- WORK REQUEST
Repeat verbatim, and only, the lines of the data below, beginning at the line that contains "angle of L4 L3" and stopping after the line that contains "geometry: L1 (-0.5, -2.5)-(-0.5, 2.5)".

(Dataset excerpts)
>>

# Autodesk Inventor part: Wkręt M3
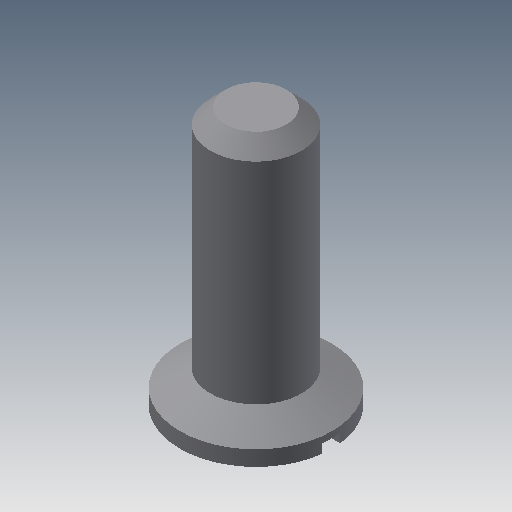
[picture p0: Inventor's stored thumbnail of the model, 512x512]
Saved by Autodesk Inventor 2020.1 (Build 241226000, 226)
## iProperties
Created: 2005-10
Part Number: Wkręt M3
Document SubType Name: Modeling
Designer: F.Stasiak
Density: 1 g/cm^3
Material: Ogólny
Appearance: Domyślna
Manager: www.cadconsulting.pl
Company: Fabian Stasiak CAD Consulting
Author: F.Stasiak
Subject: Zbiór ćwiczeń. Autodesk Inventor 2020. Kurs podstawowy
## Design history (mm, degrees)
sketch "Szkic1"
  geometry: L1 (0, 0)-(0, 8); L2 (0, 8)-(-1.5, 8); L3 (-1.5, 8)-(-1.5, 0.577); L4 (-1.5, 0.577)-(-2.5, 0); L5 (-2.5, 0)-(0, 0)
  constraints: 10 end point, 2 parallel, 1 perpendicular, 1 vertical
  dimensions: "d0" = 3 diameter of L3 L1; "d1" = 8 distance between parallel lines of L2 L5; "d2" = 5 diameter of L4.end L1; "d4" = 120 deg angle of L4 L3
revolve "Obrót1" sketch "Szkic1" stored, may be unused: angle "d5" = 90 deg
sketch "Szkic2"
  geometry: C1 r 2.5 at (0, 0) reference
extrude "Wyciągnięcie proste1" join sketch "Szkic2" distance "d6" = 0.5; taper "d7" = 0 deg
chamfer "Faza1" distance "d8" = 0.5; stored, may be unused: second distance "d9" = 2, angle "d10" = 45 deg
sketch "Szkic3"
  geometry: L1 (-0.5, -2.5)-(-0.5, 2.5) reference; L2 (-0.5, 0.307)-(-0.2, 0.307); L3 (-0.2, 0.307)-(-0.2, -0.293); L4 (-0.2, -0.293)-(-0.5, -0.293); L5 (-0.5, -0.293)-(-0.5, 0.307); 1 further point
  constraints: 8 end point, 2 parallel, 1 horizontal, 1 midpoint, 1 perpendicular, 1 point on line
  dimensions: "d11" = 0.6 distance of L4.end L2.start; "d12" = 0.3 distance of L3.end L4.end
extrude "Wyciągnięcie proste2" cut sketch "Szkic3" extent not by distance; stored distance "d13" = 0.5; taper "d14" = 0 deg
node "Bryła1"
node "Korpusy bryłowe"
node "Korpusy powierzchniowe"
node "Pętla rzutowana1"

<<

- OUTPUT
  dimensions: "d0" = 3 diameter of L3 L1; "d1" = 8 distance between parallel lines of L2 L5; "d2" = 5 diameter of L4.end L1; "d4" = 120 deg angle of L4 L3
revolve "Obrót1" sketch "Szkic1" stored, may be unused: angle "d5" = 90 deg
sketch "Szkic2"
  geometry: C1 r 2.5 at (0, 0) reference
extrude "Wyciągnięcie proste1" join sketch "Szkic2" distance "d6" = 0.5; taper "d7" = 0 deg
chamfer "Faza1" distance "d8" = 0.5; stored, may be unused: second distance "d9" = 2, angle "d10" = 45 deg
sketch "Szkic3"
  geometry: L1 (-0.5, -2.5)-(-0.5, 2.5) reference; L2 (-0.5, 0.307)-(-0.2, 0.307); L3 (-0.2, 0.307)-(-0.2, -0.293); L4 (-0.2, -0.293)-(-0.5, -0.293); L5 (-0.5, -0.293)-(-0.5, 0.307); 1 further point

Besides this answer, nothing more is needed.